Install tailwiz by entering into command line:

python -m pip install --upgrade tailwiz

Then run the following in a Python environment for a quick example of text classification:

import tailwiz
import pandas as pd

# Create a pandas DataFrame of labeled text. The 'label'
# column contains 'mean' or 'nice' as labels for each text.
labeled_examples = pd.DataFrame(
    [
        ['You make me vomit', 'mean'],
        ['Love you lots', 'nice'],
        ['You are the best', 'nice'],
    ],
    columns=['text', 'label'],
)

# Create a pandas DataFrame of text to be classified by tailwiz.
# This DataFrame does not have a 'label' column. The labels here
# will be created by tailwiz.
to_classify = pd.DataFrame(
    ['Have a great day', 'I hate you'],
    columns=['text'],
)

# Classify text using labeled_examples as reference data.
results = tailwiz.classify(
    to_classify,
    labeled_examples=labeled_examples,
)

# The results are a copy of text with a new column populated
# with AI-generated labels.
print(results)

Installation

Install tailwiz through pip by entering the following into command line:

python -m pip install --upgrade tailwiz

Usage

In this section, we outline the three main functions of tailwiz and provide examples.

tailwiz.classify(to_classify, labeled_examples, output_metrics=False)

Given text, classify the text.

Parameters:

  • to_classify : pandas.DataFrame with a column named 'text' (str).

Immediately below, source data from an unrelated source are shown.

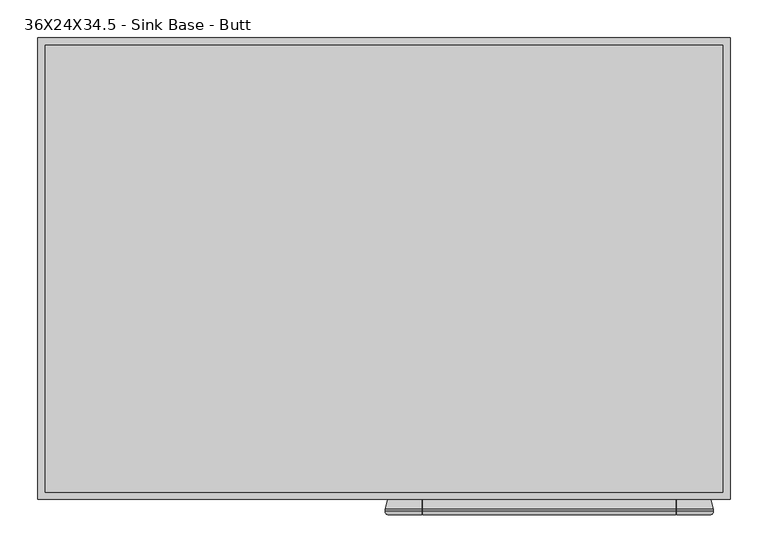
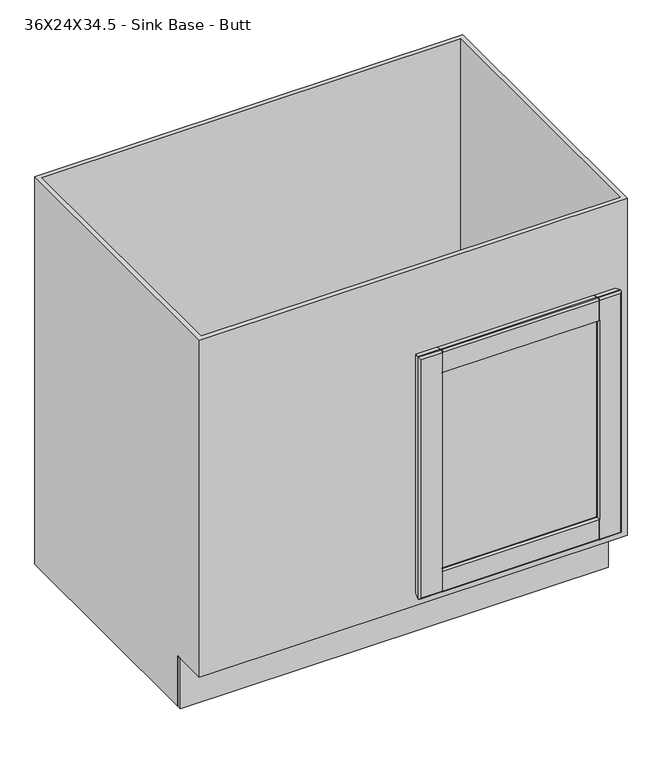
"""IFC4 building model written with IfcOpenShell, lengths in millimetres: furniture geometry, Cabinet-Base-Merillat-Double_Door-Marlin : 36X24X34.5 - Sink Base - Butt."""

import ifcopenshell
import ifcopenshell.guid

model = None  # the IFC model being written
_history = None  # IfcOwnerHistory: only IFC2X3 demands one
_inside = {}  # id of a spatial element -> (the spatial element, [elements in it])
_under = {}  # id of a project, library or spatial element -> (it, [spatial elements below it])
_declared = {}  # id of a project -> (the project, [libraries it declares])
_typed = {}  # id of a type object -> (the type object, [elements of that type])
_made_of = {}  # id of a material, layer set ... -> (it, [elements and type objects made of it])


def new_model(schema):
    """Start an empty IFC model of exactly this schema.

    Asked for "IFC4X3", IfcOpenShell would pick the latest addendum, in which some entities
    have other attributes; the version numbers below select the first issue.
    IFC2X3 requires an IfcOwnerHistory on every rooted entity: one is made here for all.
    """
    global model, _history
    if schema == "IFC4X3":
        model = ifcopenshell.file(schema_version=(4, 3, 0, 0))
    else:
        model = ifcopenshell.file(schema=schema)
    _inside.clear()
    _under.clear()
    _declared.clear()
    _typed.clear()
    _made_of.clear()
    _history = None
    if model.schema == "IFC2X3":
        org = make("IfcOrganization", Name="unknown")
        user = make(
            "IfcPersonAndOrganization",
            ThePerson=make("IfcPerson", FamilyName="unknown"),
            TheOrganization=org,
        )
        app = make(
            "IfcApplication",
            ApplicationDeveloper=org,
            Version="unknown",
            ApplicationFullName="unknown",
            ApplicationIdentifier="unknown",
        )
        _history = make(
            "IfcOwnerHistory",
            OwningUser=user,
            OwningApplication=app,
            ChangeAction="ADDED",
            CreationDate=0,
        )
    return model


def make(cls, **values):
    """One entity of the class cls with the attributes given. An attribute that is None is left unset."""
    return model.create_entity(
        cls, **{name: value for name, value in values.items() if value is not None}
    )


def rooted(cls, **values):
    """An entity with a GlobalId (a new one), such as an element, a storey or a relation."""
    return make(cls, GlobalId=ifcopenshell.guid.new(), OwnerHistory=_history, **values)


def si_unit(unit_type, name, prefix=None):
    """IfcSIUnit, for example si_unit("LENGTHUNIT", "METRE", prefix="MILLI")."""
    return make("IfcSIUnit", UnitType=unit_type, Prefix=prefix, Name=name)


def assignment(units):
    """IfcUnitAssignment: the units of a project."""
    return None if units is None else make("IfcUnitAssignment", Units=units)


def point(xyz):
    """IfcCartesianPoint."""
    return None if xyz is None else make("IfcCartesianPoint", Coordinates=xyz)


def direction(xyz):
    """IfcDirection."""
    return None if xyz is None else make("IfcDirection", DirectionRatios=xyz)


def frame(location, z_axis=None, x_axis=None):
    """IfcAxis2Placement3D, a coordinate frame: its origin and axes. An axis left out is left unset."""
    return make(
        "IfcAxis2Placement3D",
        Location=point(location),
        Axis=direction(z_axis),
        RefDirection=direction(x_axis),
    )


def origin():
    """The frame at (0, 0, 0) with its axes left unset."""
    return frame((0.0, 0.0, 0.0))


def origin_with_axes():
    """The frame at (0, 0, 0) with the z axis (0, 0, 1) and the x axis (1, 0, 0) written out."""
    return frame((0.0, 0.0, 0.0), z_axis=(0.0, 0.0, 1.0), x_axis=(1.0, 0.0, 0.0))


def place(relative_to, where):
    """IfcLocalPlacement: puts the frame where relative to a parent placement (None: the world)."""
    return make(
        "IfcLocalPlacement", PlacementRelTo=relative_to, RelativePlacement=where
    )


def context(
    kind, dimensions, precision=None, world=None, true_north=None, identifier=None
):
    """IfcGeometricRepresentationContext, for example the 3D "Model" context."""
    return make(
        "IfcGeometricRepresentationContext",
        ContextIdentifier=identifier,
        ContextType=kind,
        CoordinateSpaceDimension=dimensions,
        Precision=precision,
        WorldCoordinateSystem=world,
        TrueNorth=true_north,
    )


def project(units=None, contexts=None):
    """IfcProject with its units and contexts."""
    return rooted(
        "IfcProject",
        Name="project",
        RepresentationContexts=contexts,
        UnitsInContext=assignment(units),
    )


def spatial(cls, under=None, at=None, **own):
    """A site, building, storey or space (cls), placed at a placement, below another one or the project."""
    s = rooted(cls, ObjectPlacement=at, **own)
    if under is not None:
        _under.setdefault(under.id(), (under, []))[1].append(s)
    return s


def polyline(points):
    """IfcPolyline through the points."""
    return make("IfcPolyline", Points=[point(p) for p in points])


def circle_curve(where, radius):
    """IfcCircle in the frame where."""
    return make("IfcCircle", Position=where, Radius=radius)


def ellipse_curve(where, semi_axis1, semi_axis2):
    """IfcEllipse in the frame where."""
    return make(
        "IfcEllipse", Position=where, SemiAxis1=semi_axis1, SemiAxis2=semi_axis2
    )


def outline(outer, holes=None, kind="AREA"):
    """IfcArbitraryClosedProfileDef: a profile drawn as a closed curve; with holes, ...WithVoids."""
    if holes is None:
        return make("IfcArbitraryClosedProfileDef", ProfileType=kind, OuterCurve=outer)
    return make(
        "IfcArbitraryProfileDefWithVoids",
        ProfileType=kind,
        OuterCurve=outer,
        InnerCurves=holes,
    )


def extrude(swept, where, along, depth):
    """IfcExtrudedAreaSolid: the profile swept, set in the frame where, extruded along a direction by depth."""
    return make(
        "IfcExtrudedAreaSolid",
        SweptArea=swept,
        Position=where,
        ExtrudedDirection=direction(along),
        Depth=depth,
    )


def faces_of(points, faces, orient=None, outer=None):
    """IfcFace entities. A face is a list of loops; a loop is a list of indices into points, from 0.

    orient and outer hold one flag for each loop. By default every Orientation is true, the
    first loop of a face is its IfcFaceOuterBound and the others are IfcFaceBound.
    """
    made = []
    for i, loops in enumerate(faces):
        bounds = []
        for j, loop in enumerate(loops):
            is_outer = j == 0 if outer is None else outer[i][j]
            bounds.append(
                make(
                    "IfcFaceOuterBound" if is_outer else "IfcFaceBound",
                    Bound=make("IfcPolyLoop", Polygon=[points[k] for k in loop]),
                    Orientation=True if orient is None else orient[i][j],
                )
            )
        made.append(make("IfcFace", Bounds=bounds))
    return made


def faceted_brep(points, faces, orient=None, outer=None, voids=None):
    """IfcFacetedBrep: a solid bounded by flat faces; with voids (closed shells), ...WithVoids."""
    shared = [point(p) for p in points]
    hull = make("IfcClosedShell", CfsFaces=faces_of(shared, faces, orient, outer))
    if voids is None:
        return make("IfcFacetedBrep", Outer=hull)
    return make(
        "IfcFacetedBrepWithVoids",
        Outer=hull,
        Voids=[
            make(cls, CfsFaces=faces_of(shared, fs, o, b)) for cls, fs, o, b in voids
        ],
    )


def shape(context_of_items, identifier, shape_type, items):
    """IfcShapeRepresentation: the items that make up one representation, for example the "Body"."""
    return make(
        "IfcShapeRepresentation",
        ContextOfItems=context_of_items,
        RepresentationIdentifier=identifier,
        RepresentationType=shape_type,
        Items=items,
    )


def source(mapping_origin, context_of_items, identifier, shape_type, items):
    """IfcRepresentationMap: a shape defined once, which mapped items show again and again."""
    return make(
        "IfcRepresentationMap",
        MappingOrigin=mapping_origin,
        MappedRepresentation=shape(context_of_items, identifier, shape_type, items),
    )


def transform(
    local_origin,
    x_axis=None,
    y_axis=None,
    z_axis=None,
    scale=None,
    scale2=None,
    scale3=None,
    uniform=True,
):
    """IfcCartesianTransformationOperator3D, or its non-uniform kind. x_axis, y_axis, z_axis: its Axis1, 2, 3."""
    if uniform:
        return make(
            "IfcCartesianTransformationOperator3D",
            Axis1=direction(x_axis),
            Axis2=direction(y_axis),
            LocalOrigin=point(local_origin),
            Scale=scale,
            Axis3=direction(z_axis),
        )
    return make(
        "IfcCartesianTransformationOperator3DnonUniform",
        Axis1=direction(x_axis),
        Axis2=direction(y_axis),
        LocalOrigin=point(local_origin),
        Scale=scale,
        Axis3=direction(z_axis),
        Scale2=scale2,
        Scale3=scale3,
    )


def mapped(mapping_source, mapping_target):
    """IfcMappedItem: shows the shape of a source again, moved by a transform."""
    return make(
        "IfcMappedItem", MappingSource=mapping_source, MappingTarget=mapping_target
    )


def made_of(thing, what):
    """Note that an element or type object is made of a material, layer set ...; save() writes the relation."""
    if what is not None:
        _made_of.setdefault(what.id(), (what, []))[1].append(thing)
    return thing


def element(
    cls,
    number,
    at=None,
    inside=None,
    cuts=None,
    type_object=None,
    material=None,
    context=None,
    identifier="Body",
    shape_type=None,
    held_by="IfcProductDefinitionShape",
    body=None,
    shapes=None,
    **own,
):
    """One element of the class cls, such as IfcWall. Its Tag is "e" and its number.

    at: its placement. inside: the storey or other place that contains it. cuts: it is an
    opening in that element (IfcRelVoidsElement). A single representation is given by context,
    identifier, shape_type and body (its items); several are given by shapes. held_by: the class
    of the entity that holds the representations. save() writes the other relations.
    """
    e = rooted(cls, Tag="e%d" % number, ObjectPlacement=at, **own)
    if body is not None:
        shapes = [shape(context, identifier, shape_type, body)]
    if shapes is not None:
        e.Representation = make(held_by, Representations=shapes)
    if inside is not None:
        _inside.setdefault(inside.id(), (inside, []))[1].append(e)
    if cuts is not None:
        rooted(
            "IfcRelVoidsElement", RelatingBuildingElement=cuts, RelatedOpeningElement=e
        )
    if type_object is not None:
        _typed.setdefault(type_object.id(), (type_object, []))[1].append(e)
    return made_of(e, material)


def aggregate(whole, parts):
    """IfcRelAggregates: a whole, such as a stair, and the parts it consists of."""
    return rooted("IfcRelAggregates", RelatingObject=whole, RelatedObjects=parts)


def save(model, path):
    """Write the relations noted so far, then the file.

    IfcRelAggregates (storeys below a building ...), IfcRelContainedInSpatialStructure (elements
    in a storey), IfcRelDefinesByType, IfcRelAssociatesMaterial and IfcRelDeclares: one each for
    every whole, place, type object, material and project.
    """
    for whole, parts in _under.values():
        aggregate(whole, parts)
    for where, things in _inside.values():
        rooted(
            "IfcRelContainedInSpatialStructure",
            RelatedElements=things,
            RelatingStructure=where,
        )
    for kind, things in _typed.values():
        rooted("IfcRelDefinesByType", RelatedObjects=things, RelatingType=kind)
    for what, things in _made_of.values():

Text to be classified.
  • labeled_examples : pandas.DataFrame with columns named 'text' (str) and 'label' (str, int). Labeled examples to enhance the performance of the classification task. The classified text is in the 'text' column and the text's labels are in the 'label' column.
  • output_metrics : bool, default False. Whether to output performance_estimate together with results in a tuple.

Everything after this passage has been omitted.